The Impossible as Romantic Ideal

Love songs have always borrowed the language of extremity; lovers routinely describe their feelings in terms that exceed rational measurement, and the beloved is perpetually described as someone whose value surpasses ordinary human experience. Try the Impossible takes this tendency seriously, making the attempt itself, rather than its outcome, the subject of the song. The act of reaching for what seems unattainable is presented as the right response to genuine feeling, regardless of whether the attempt succeeds. This is a more sophisticated emotional position than simple romantic optimism.

Aspiration in the Context of Constraint

For African-American audiences in 1958, a song about attempting the impossible carried a specific resonance that white listeners might have experienced differently. The social and political constraints on Black life in America at that moment were very real and very immediate. A doo-wop song about refusing to accept that something is beyond your reach was, in that context, more than a love song; it was a small, musical articulation of a posture toward the world that had genuine stakes. The romantic framework did not exhaust the song's meaning.

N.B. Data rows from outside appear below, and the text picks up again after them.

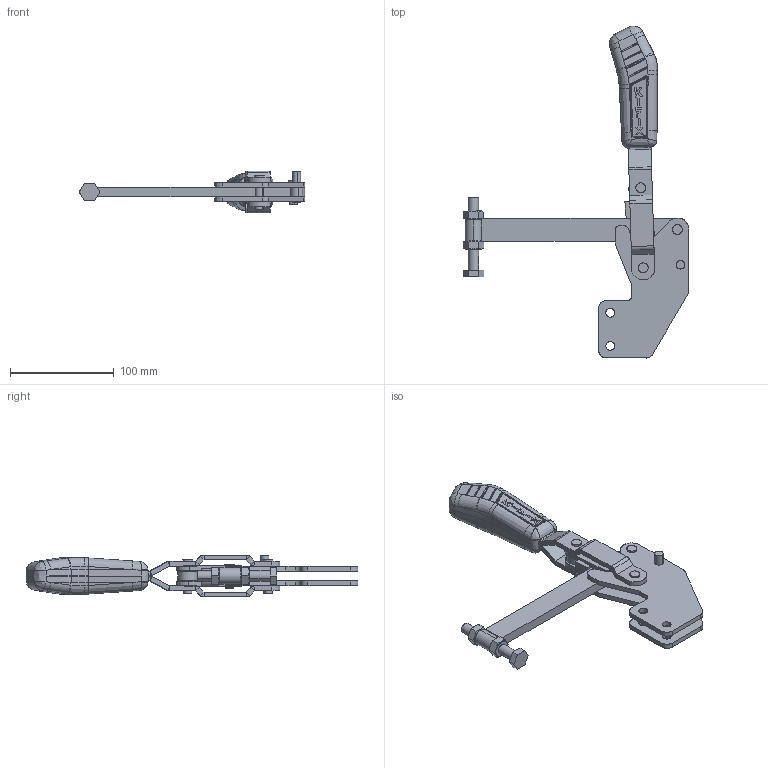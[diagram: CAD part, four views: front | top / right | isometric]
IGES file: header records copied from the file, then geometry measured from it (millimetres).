
Start section: SolidWorks IGES file using analytic representation for surfaces
Global section: file name: C:\Projetos\Grampos\KF-411\KF-411 RS\KF-411 RS.IGS; native system: SolidWorks 2013; preprocessor: SolidWorks 2013; author: Ricardo; date: 140801.101427; units: millimetre
Bounding box: 217.8 x 320.55 x 40.5 mm (x, y, z)
Surface area: 113359.6 mm2 (no closed solid volume)
Topology: 0 solids, 0 shells, 757 faces, 8238 edges, 8211 vertices
Faces by surface type: bspline 438, revolution 319
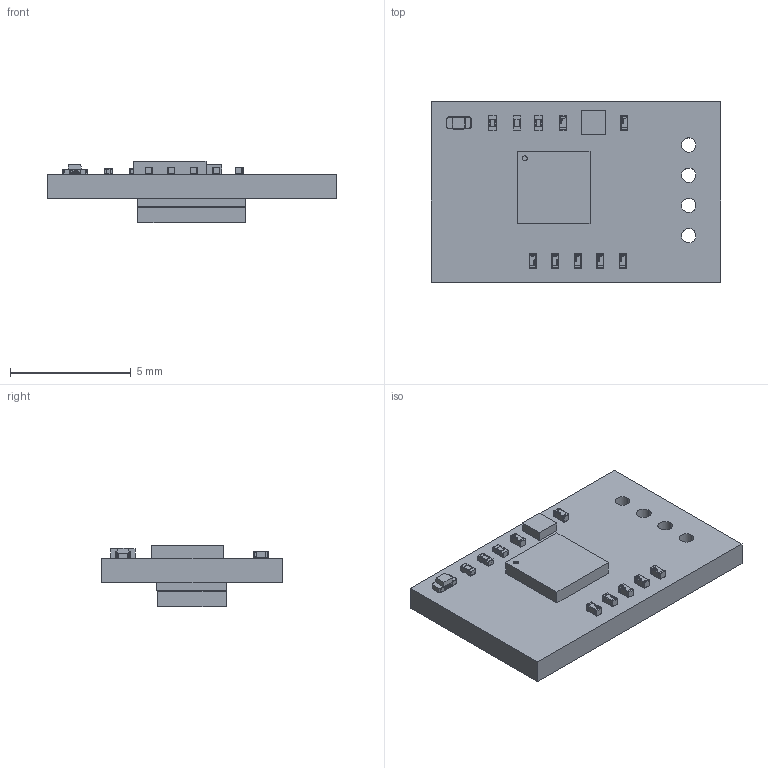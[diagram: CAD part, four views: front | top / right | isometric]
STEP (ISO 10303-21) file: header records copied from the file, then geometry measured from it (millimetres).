
FILE_DESCRIPTION (( 'STEP AP203' ), '1' );
FILE_NAME ('3D_PCB1_2025-03-03.STEP', '2025-03-14T03:17:45', ( '' ), ( '' ), 'SwSTEP 2.0', 'SolidWorks 2020', '' );
FILE_SCHEMA (( 'CONFIG_CONTROL_DESIGN' ));
Products named in the file (1): 3D_PCB1_2025-03-03
Bounding box: 11.97 x 7.47 x 2.56 mm (x, y, z)
Volume: 102.9 mm3; surface area: 356.9 mm2
Topology: 58 solids, 58 shells, 3728 faces, 9889 edges, 6500 vertices
Faces by surface type: plane 2241, bspline 1245, cylinder 170, sphere 70, cone 2
Entity records: 127214 total; most frequent: CARTESIAN_POINT 43445, ORIENTED_EDGE 19610, DIRECTION 12599, EDGE_CURVE 9805, LINE 6887, VECTOR 6887, VERTEX_POINT 6486, EDGE_LOOP 4035

The Vocal Group as Collective Aspiration

Doo-wop's characteristic use of multiple voices served the theme of impossible aspiration in a specific way. When Lee Andrews sang the lead and the Hearts provided their harmonic support, they were enacting communal effort: the impossible was being attempted by a group, not an individual. That collective quality was central to what made the vocal group tradition emotionally meaningful to its audiences. You were not alone in your reaching; others were reaching with you, their voices braided with yours into something more substantial than any single voice could produce.

Hope as Musical Structure

The melodic and harmonic choices in this kind of material were not innocent of meaning. Ascending melodic lines, open harmonies that suggest unresolved yearning, a tempo that leans forward rather than settling back; all of these structural choices participate in the emotional argument the song is making. In Try the Impossible, the music itself enacts the aspiration the lyrics describe, reaching upward with the same determination the words call for.